* LISTED RECORDS *

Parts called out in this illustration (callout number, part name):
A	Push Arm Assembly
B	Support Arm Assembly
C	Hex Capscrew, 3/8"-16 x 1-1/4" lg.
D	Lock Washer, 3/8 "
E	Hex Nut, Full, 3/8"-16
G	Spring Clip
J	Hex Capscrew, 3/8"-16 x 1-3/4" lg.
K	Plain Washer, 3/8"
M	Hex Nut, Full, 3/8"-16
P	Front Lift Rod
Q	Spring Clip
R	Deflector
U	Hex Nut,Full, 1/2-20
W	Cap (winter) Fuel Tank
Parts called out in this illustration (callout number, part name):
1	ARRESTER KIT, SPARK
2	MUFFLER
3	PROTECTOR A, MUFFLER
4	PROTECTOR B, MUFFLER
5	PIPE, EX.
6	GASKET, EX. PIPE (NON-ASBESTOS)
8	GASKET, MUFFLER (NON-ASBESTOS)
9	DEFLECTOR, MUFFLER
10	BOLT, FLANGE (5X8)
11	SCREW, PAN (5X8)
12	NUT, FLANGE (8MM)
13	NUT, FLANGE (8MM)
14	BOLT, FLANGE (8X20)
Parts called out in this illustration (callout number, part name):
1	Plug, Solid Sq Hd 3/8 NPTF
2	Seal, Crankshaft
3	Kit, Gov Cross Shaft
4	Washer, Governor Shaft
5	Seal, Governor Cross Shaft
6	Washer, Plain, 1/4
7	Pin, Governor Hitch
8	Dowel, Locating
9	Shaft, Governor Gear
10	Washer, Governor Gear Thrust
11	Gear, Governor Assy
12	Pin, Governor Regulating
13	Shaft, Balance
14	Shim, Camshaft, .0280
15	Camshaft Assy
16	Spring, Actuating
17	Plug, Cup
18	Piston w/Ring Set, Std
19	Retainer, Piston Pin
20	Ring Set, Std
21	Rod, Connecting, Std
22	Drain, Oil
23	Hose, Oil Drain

* TASK STATEMENT *
All of the material above is to be repeated exactly.

* RESPONSE *
Parts called out in this illustration (callout number, part name):
A	Push Arm Assembly
B	Support Arm Assembly
C	Hex Capscrew, 3/8"-16 x 1-1/4" lg.
D	Lock Washer, 3/8 "
E	Hex Nut, Full, 3/8"-16
G	Spring Clip
J	Hex Capscrew, 3/8"-16 x 1-3/4" lg.
K	Plain Washer, 3/8"
M	Hex Nut, Full, 3/8"-16
P	Front Lift Rod
Q	Spring Clip
R	Deflector
U	Hex Nut,Full, 1/2-20
W	Cap (winter) Fuel Tank
Parts called out in this illustration (callout number, part name):
1	ARRESTER KIT, SPARK
2	MUFFLER
3	PROTECTOR A, MUFFLER
4	PROTECTOR B, MUFFLER
5	PIPE, EX.
6	GASKET, EX. PIPE (NON-ASBESTOS)
8	GASKET, MUFFLER (NON-ASBESTOS)
9	DEFLECTOR, MUFFLER
10	BOLT, FLANGE (5X8)
11	SCREW, PAN (5X8)
12	NUT, FLANGE (8MM)
13	NUT, FLANGE (8MM)
14	BOLT, FLANGE (8X20)
Parts called out in this illustration (callout number, part name):
1	Plug, Solid Sq Hd 3/8 NPTF
2	Seal, Crankshaft
3	Kit, Gov Cross Shaft
4	Washer, Governor Shaft
5	Seal, Governor Cross Shaft
6	Washer, Plain, 1/4
7	Pin, Governor Hitch
8	Dowel, Locating
9	Shaft, Governor Gear
10	Washer, Governor Gear Thrust
11	Gear, Governor Assy
12	Pin, Governor Regulating
13	Shaft, Balance
14	Shim, Camshaft, .0280
15	Camshaft Assy
16	Spring, Actuating
17	Plug, Cup
18	Piston w/Ring Set, Std
19	Retainer, Piston Pin
20	Ring Set, Std
21	Rod, Connecting, Std
22	Drain, Oil
23	Hose, Oil Drain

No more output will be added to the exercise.